WHAT THE TASK REQUIRES:
Scan the lines below for the string "Drawn" and copy every one that has it.

ENTRIES SUPPLIED:

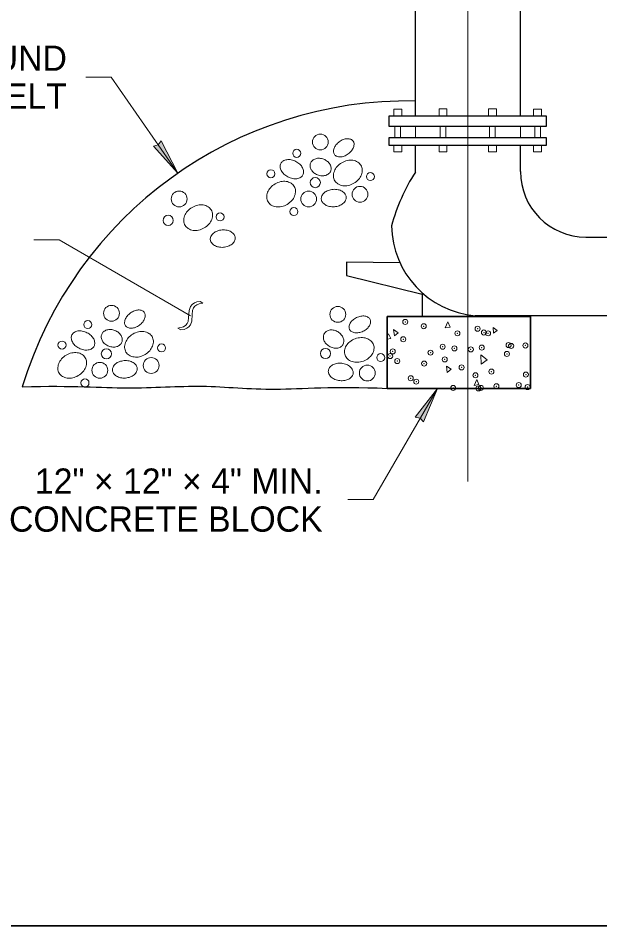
# Model space of a CAD drawing. Extents: x 99860 to 103153, y 99998 to 102077.
# Drawn here: x 101538 to 101906, y 100000 to 100574 of the extents above; entities that cross this region are included whole.
import ezdxf
from ezdxf.enums import TextEntityAlignment as Align

# ---------------------------------------------------------------- set-up
doc = ezdxf.new("R2010")
doc.units = 0
doc.header["$LTSCALE"] = 6.4
doc.header["$PDMODE"] = 32
doc.header["$PDSIZE"] = 3.2
for name, color, linetype, lineweight in [('1', 7, 'Continuous', 25), ('10', 7, 'Continuous', 13), ('15', 7, 'Continuous', 13), ('17', 7, 'Continuous', 35), ('18', 7, 'Continuous', 13), ('20', 7, 'Continuous', 13), ('6', 7, 'Continuous', 25)]:
    doc.layers.add(name, color=color, linetype=linetype, lineweight=lineweight)

msp = doc.modelspace()

# ---------------------------------------------------------------- hatches: boundary and pattern name
at = {"layer": '15'}
for points in [[(101638.764, 100475.808), (101628.184, 100496.257), (101626.336, 100493.686), (101623.282, 100492.849)], [(101803.014, 100339.647), (101794.184, 100318.384), (101792.127, 100320.791), (101789.014, 100321.369)]]:
    msp.add_hatch(color=256, dxfattribs=at).paths.add_polyline_path(points)

# ---------------------------------------------------------------- linework, layer by layer
at = {"layer": '1', "lineweight": 35}
msp.add_lwpolyline([(99862, 99999.5), (103151, 99999.5), (103151, 102075.5), (99862, 102075.5)], close=True, dxfattribs=at)
at = {"layer": '1'}
msp.add_arc((101784.759, 100265.786), 255.78, 89.02946, 162.96913, dxfattribs=at)
msp.add_open_spline([(101540.139, 100340.697), (101572.889, 100341.522), (101607.177, 100338.572), (101654.789, 100342.572), (101698.152, 100337.272), (101736.727, 100341.247), (101771.264, 100339.647)], degree=3, dxfattribs=at)
at = {"layer": '10'}
for p, q in [((101807.989, 100377.947), (101809.552, 100381.672)), ((101811.189, 100378.472), (101809.552, 100381.672)), ((101771.264, 100372.61), (101772.064, 100374.21)), ((101773.664, 100371.31), (101772.064, 100374.21)), ((101775.789, 100372.86), (101775.264, 100376.86)), ((101778.202, 100374.735), (101775.264, 100376.86)), ((101775.789, 100372.86), (101778.202, 100374.735)), ((101807.989, 100377.947), (101811.189, 100378.472)), ((101838.577, 100374.485), (101838.264, 100378.185)), ((101840.977, 100376.335), (101838.264, 100378.185)), ((101838.577, 100374.485), (101840.977, 100376.335)), ((101771.264, 100370.76), (101773.664, 100371.31)), ((101830.839, 100355.06), (101830.589, 100360.922)), ((101834.602, 100357.71), (101830.589, 100360.922)), ((101830.839, 100355.06), (101834.602, 100357.71)), ((101809.314, 100349.76), (101808.789, 100353.735)), ((101811.689, 100351.885), (101808.789, 100353.735)), ((101809.314, 100349.76), (101811.689, 100351.885)), ((101826.327, 100341.522), (101827.939, 100345.222)), ((101826.327, 100341.522), (101829.264, 100342.022)), ((101829.264, 100342.022), (101827.939, 100345.222))]:
    msp.add_line(p, q, dxfattribs=at)
for centre, radius in [((101728.919, 100495.578), 5.019), ((101713.97, 100488.402), 2.537), ((101697.625, 100475.446), 2.537), ((101725.73, 100469.865), 3.22), ((101760.613, 100473.652), 2.537), ((101754.035, 100462.489), 5.019), ((101639.54, 100459.539), 5.019), ((101721.544, 100459.5), 5.019), ((101632.564, 100445.985), 3.22), ((101665.453, 100448.178), 2.537), ((101712.176, 100451.526), 2.537), ((101596.685, 100387.184), 5.019), ((101740.01, 100386.466), 5.019), ((101581.735, 100380.008), 2.537), ((101565.39, 100367.052), 2.537), ((101593.495, 100361.471), 3.22), ((101628.378, 100365.258), 2.537), ((101732.18, 100361.767), 3.22), ((101621.8, 100354.096), 5.019), ((101767.167, 100359.122), 2.537), ((101589.309, 100351.106), 5.019), ((101758.662, 100349.348), 5.019), ((101579.941, 100343.133), 2.537)]:
    msp.add_circle(centre, radius, dxfattribs=at)
for centre, radius, start, end in [((101747.443, 100486.849), 11.024, 126.08477, 141.32523), ((101747.443, 100486.849), 11.024, 110.84431, 126.08477), ((101746.31, 100489.825), 7.839, 92.74951, 110.84431), ((101746.199, 100492.147), 5.515, 68.28483, 92.74951), ((101747.048, 100494.28), 3.219, 36.08477, 68.28483), ((101747.048, 100494.28), 3.219, 3.88471, 36.08477), ((101742.781, 100489.656), 5.515, 159.42002, 183.88471), ((101740.491, 100489.501), 3.219, 183.88471, 216.08477), ((101744.957, 100488.839), 7.839, 141.32523, 159.42002), ((101740.095, 100496.931), 11.024, 306.08477, 321.32523), ((101742.582, 100494.941), 7.839, 321.32523, 339.42002), ((101744.758, 100494.124), 5.515, 339.42002, 3.88471), ((101707.381, 100480.181), 3.917, 122.21424, 152.88878), ((101708.564, 100478.302), 6.137, 97.81622, 122.21424), ((101708.861, 100476.138), 8.322, 79.02152, 97.81622), ((101708.3, 100473.245), 11.268, 62.88878, 79.02152), ((101708.3, 100473.245), 11.268, 46.75604, 62.88878), ((101726.659, 100480.692), 4.207, 130.69622, 158.66336), ((101727.598, 100479.6), 5.648, 106.62121, 130.69622), ((101727.983, 100478.309), 6.994, 86.57049, 106.62121), ((101727.878, 100476.556), 8.751, 68.66336, 86.57049), ((101727.878, 100476.556), 8.751, 50.75623, 68.66336), ((101728.99, 100477.916), 6.994, 30.70551, 50.75623), ((101740.491, 100489.501), 3.219, 216.08477, 248.28483), ((101741.34, 100491.633), 5.515, 248.28483, 272.74951), ((101741.229, 100493.955), 7.839, 272.74951, 290.84431), ((101748.731, 100471.928), 12.202, 102.54735, 120.55568), ((101740.095, 100496.931), 11.024, 290.84431, 306.08477), ((101748.209, 100474.275), 9.798, 82.43038, 102.54735), ((101748.452, 100476.105), 7.952, 58.38014, 82.43038), ((101707.381, 100480.181), 3.917, 152.88878, 183.56332), ((101709.597, 100480.319), 6.137, 183.56332, 207.96135), ((101711.527, 100481.343), 8.322, 207.96135, 226.75604), ((101710.319, 100475.391), 8.322, 27.96135, 46.75604), ((101712.249, 100476.416), 6.137, 3.56332, 27.96135), ((101726.659, 100480.692), 4.207, 158.66336, 186.63049), ((101728.09, 100480.858), 5.648, 186.63049, 210.70551), ((101729.248, 100481.546), 6.994, 210.70551, 230.75623), ((101730.147, 100478.604), 5.648, 6.63049, 30.70551), ((101731.579, 100478.77), 4.207, 338.66336, 6.63049), ((101746.929, 100473.519), 9.798, 138.56401, 158.68099), ((101748.731, 100471.928), 12.202, 120.55568, 138.56401), ((101749.491, 100477.792), 5.971, 30.55568, 58.38014), ((101749.491, 100477.792), 5.971, 2.73122, 30.55568), ((101747.512, 100477.698), 7.952, 338.68099, 2.73122), ((101713.545, 100483.49), 11.268, 226.75604, 242.88878), ((101713.545, 100483.49), 11.268, 242.88878, 259.02152), ((101712.984, 100480.597), 8.322, 259.02152, 277.81622), ((101713.281, 100478.432), 6.137, 277.81622, 302.21424), ((101714.465, 100476.554), 3.917, 302.21424, 332.88878), ((101714.465, 100476.554), 3.917, 332.88878, 3.56332), ((101730.359, 100482.906), 8.751, 230.75623, 248.66336), ((101730.359, 100482.906), 8.751, 248.66336, 266.57049), ((101730.254, 100481.153), 6.994, 266.57049, 286.62121), ((101730.639, 100479.863), 5.648, 286.62121, 310.69623), ((101731.579, 100478.77), 4.207, 310.69623, 338.66336), ((101745.209, 100474.19), 7.952, 158.68099, 182.73122), ((101743.23, 100474.096), 5.971, 182.73122, 210.55568), ((101743.99, 100479.96), 12.202, 300.55568, 318.56401), ((101745.792, 100478.369), 9.798, 318.56401, 338.68099), ((101704.671, 100460.164), 9.798, 138.56401, 158.68099), ((101706.474, 100458.573), 12.202, 120.55568, 138.56401), ((101706.474, 100458.573), 12.202, 102.54735, 120.55568), ((101705.951, 100460.92), 9.798, 82.43038, 102.54735), ((101706.195, 100462.75), 7.952, 58.38014, 82.43038), ((101707.233, 100464.437), 5.971, 30.55568, 58.38014), ((101707.233, 100464.437), 5.971, 2.73122, 30.55568), ((101743.23, 100474.096), 5.971, 210.55568, 238.38014), ((101744.269, 100475.783), 7.952, 238.38014, 262.43038), ((101744.512, 100477.613), 9.798, 262.43038, 282.54735), ((101743.99, 100479.96), 12.202, 282.54735, 300.55568), ((101702.952, 100460.835), 7.952, 158.68099, 182.73122), ((101700.972, 100460.741), 5.971, 182.73122, 210.55568), ((101703.534, 100465.014), 9.798, 318.56401, 338.68099), ((101705.254, 100464.343), 7.952, 338.68099, 2.73122), ((101733.423, 100459.796), 3.917, 153.66865, 184.34319), ((101735.413, 100458.811), 6.137, 129.27062, 153.66865), ((101736.796, 100457.12), 8.322, 110.47593, 129.27062), ((101737.827, 100454.36), 11.268, 94.34319, 110.47593), ((101737.827, 100454.36), 11.268, 78.21045, 94.34319), ((101738.429, 100457.244), 8.322, 59.41576, 78.21045), ((101739.54, 100459.125), 6.137, 35.01773, 59.41576), ((101741.359, 100460.399), 3.917, 4.34319, 35.01773), ((101741.359, 100460.399), 3.917, 333.66865, 4.34319), ((101653.97, 100443.664), 12.202, 102.54735, 120.55568), ((101653.448, 100446.01), 9.798, 82.43038, 102.54735), ((101653.691, 100447.84), 7.952, 58.38014, 82.43038), ((101654.73, 100449.528), 5.971, 30.55568, 58.38014), ((101700.972, 100460.741), 5.971, 210.55568, 238.38014), ((101702.011, 100462.428), 7.952, 238.38014, 262.43038), ((101702.254, 100464.258), 9.798, 262.43038, 282.54735), ((101701.732, 100466.605), 12.202, 282.54735, 300.55568), ((101701.732, 100466.605), 12.202, 300.55568, 318.56401), ((101733.423, 100459.796), 3.917, 184.34319, 215.01773), ((101735.241, 100461.07), 6.137, 215.01773, 239.41576), ((101736.353, 100462.951), 8.322, 239.41576, 258.21045), ((101736.955, 100465.835), 11.268, 258.21045, 274.34319), ((101736.955, 100465.835), 11.268, 274.34319, 290.47593), ((101737.986, 100463.075), 8.322, 290.47593, 309.27062), ((101739.369, 100461.384), 6.137, 309.27062, 333.66865), ((101650.448, 100445.926), 7.952, 158.68099, 182.73122), ((101652.168, 100445.255), 9.798, 138.56401, 158.68099), ((101653.97, 100443.664), 12.202, 120.55568, 138.56401), ((101654.73, 100449.528), 5.971, 2.73122, 30.55568), ((101652.751, 100449.433), 7.952, 338.68099, 2.73122), ((101648.469, 100445.831), 5.971, 182.73122, 210.55568), ((101649.229, 100451.695), 12.202, 300.55568, 318.56401), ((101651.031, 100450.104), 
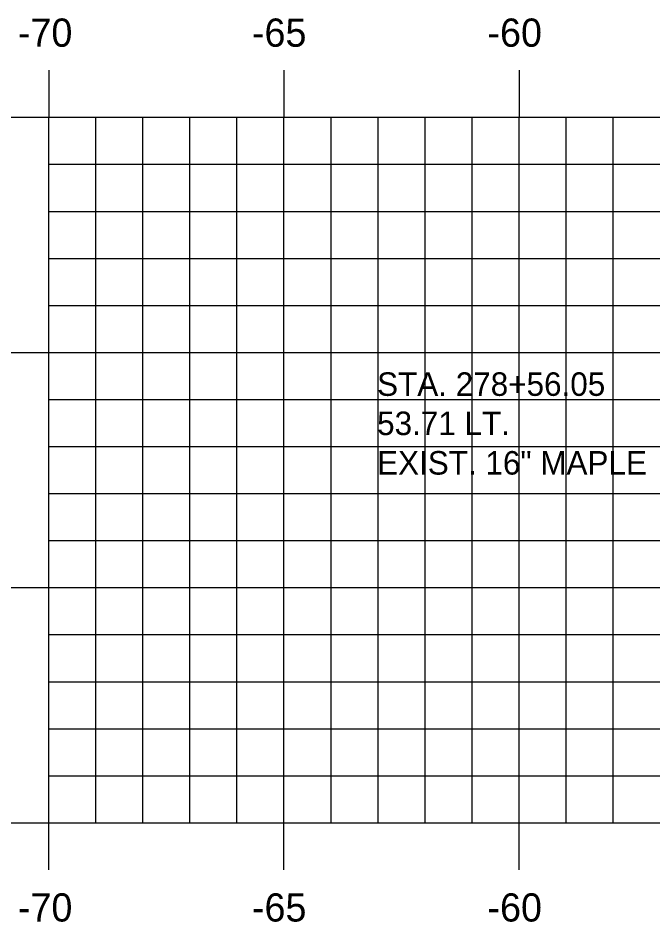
# Model space of a CAD drawing. Extents: x 854676 to 854846, y 366268 to 366378.
# Drawn here: x 854688.45 to 854701.95, y 366300.13 to 366319.35 of the extents above; entities that cross this region are included whole.
import ezdxf

# ---------------------------------------------------------------- set-up
doc = ezdxf.new("R2010")
doc.units = 0
for name, color, linetype in [('D_Text_Monospaced', 7, 'Continuous'), ('H_V ANNOTATION', 7, 'Continuous'), ('MAJOR', 7, 'Continuous'), ('MINOR', 7, 'Continuous')]:
    doc.layers.add(name, color=color, linetype=linetype)

msp = doc.modelspace()

# ---------------------------------------------------------------- linework, layer by layer
at = {"layer": 'MAJOR'}
for p, q in [((854689.106, 366318.238), (854689.106, 366317.236)), ((854694.106, 366318.238), (854694.106, 366317.236)), ((854699.106, 366318.238), (854699.106, 366317.236)), ((854688.104, 366317.236), (854689.106, 366317.236)), ((854689.106, 366317.236), (854829.106, 366317.236)), ((854689.106, 366302.236), (854689.106, 366317.236)), ((854689.106, 366302.236), (854689.106, 366317.236)), ((854689.106, 366317.236), (854829.106, 366317.236)), ((854694.106, 366302.236), (854694.106, 366317.236)), ((854699.106, 366302.236), (854699.106, 366317.236)), ((854688.104, 366312.236), (854689.106, 366312.236)), ((854689.106, 366312.236), (854829.106, 366312.236)), ((854688.104, 366307.236), (854689.106, 366307.236)), ((854689.106, 366307.236), (854829.106, 366307.236)), ((854688.104, 366302.236), (854689.106, 366302.236)), ((854689.106, 366302.236), (854829.106, 366302.236)), ((854689.106, 366302.236), (854829.106, 366302.236)), ((854689.106, 366301.234), (854689.106, 366302.236)), ((854694.106, 366301.234), (854694.106, 366302.236)), ((854699.106, 366301.234), (854699.106, 366302.236))]:
    msp.add_line(p, q, dxfattribs=at)
at = {"layer": 'MINOR'}
for p, q in [((854690.106, 366302.236), (854690.106, 366317.236)), ((854691.106, 366302.236), (854691.106, 366317.236)), ((854692.106, 366302.236), (854692.106, 366317.236)), ((854693.106, 366302.236), (854693.106, 366317.236)), ((854695.106, 366302.236), (854695.106, 366317.236)), ((854696.106, 366302.236), (854696.106, 366317.236)), ((854697.106, 366302.236), (854697.106, 366317.236)), ((854698.106, 366302.236), (854698.106, 366317.236)), ((854700.106, 366302.236), (854700.106, 366317.236)), ((854701.106, 366302.236), (854701.106, 366317.236)), ((854689.106, 366316.236), (854829.106, 366316.236)), ((854689.106, 366316.236), (854690.108, 366316.236)), ((854689.106, 366315.236), (854829.106, 366315.236)), ((854689.106, 366315.236), (854690.108, 366315.236)), ((854689.106, 366314.236), (854829.106, 366314.236)), ((854689.106, 366314.236), (854690.108, 366314.236)), ((854689.106, 366313.236), (854829.106, 366313.236)), ((854689.106, 366313.236), (854690.108, 366313.236)), ((854689.106, 366311.236), (854829.106, 366311.236)), ((854689.106, 366311.236), (854690.108, 366311.236)), ((854689.106, 366310.236), (854829.106, 366310.236)), ((854689.106, 366310.236), (854690.108, 366310.236)), ((854689.106, 366309.236), (854829.106, 366309.236)), ((854689.106, 366309.236), (854690.108, 366309.236)), ((854689.106, 366308.236), (854829.106, 366308.236)), ((854689.106, 366308.236), (854690.108, 366308.236)), ((854689.106, 366306.236), (854829.106, 366306.236)), ((854689.106, 366306.236), (854690.108, 366306.236)), ((854689.106, 366305.236), (854829.106, 366305.236)), ((854689.106, 366305.236), (854690.108, 366305.236)), ((854689.106, 366304.236), (854829.106, 366304.236)), ((854689.106, 366304.236), (854690.108, 366304.236)), ((854689.106, 366303.236), (854829.106, 366303.236)), ((854689.106, 366303.236), (854690.108, 366303.236))]:
    msp.add_line(p, q, dxfattribs=at)

# ---------------------------------------------------------------- texts
at = {"layer": 'D_Text_Monospaced'}
for s, height, p in [('STA. 278+56.05', 0.49998, (854696.086, 366311.313)), ('53.71 LT.', 0.5, (854696.086, 366310.479)), ('EXIST. 16" MAPLE', 0.49998, (854696.086, 366309.639))]:
    msp.add_text(s, height=height, dxfattribs=at).set_placement(p)
at = {"layer": 'H_V ANNOTATION'}
for s, p in [('-70', (854688.448, 366318.736)), ('-65', (854693.424, 366318.736)), ('-60', (854698.432, 366318.736)), ('-70', (854688.448, 366300.136)), ('-65', (854693.424, 366300.136)), ('-60', (854698.432, 366300.136))]:
    msp.add_text(s, height=0.6, dxfattribs=at).set_placement(p)
at = {"layer": 'MAJOR'}
msp.add_text('-', height=0.00000006, rotation=53.1301, dxfattribs=at).set_placement((854689.102, 366302.236))

doc.saveas('drawing.dxf')

WRITTEN ANSWER:
# Drawn here: x 101538 to 101906, y 100000 to 100574 of the extents above; entities that cross this region are included whole.
# Drawn here: x 854688.45 to 854701.95, y 366300.13 to 366319.35 of the extents above; entities that cross this region are included whole.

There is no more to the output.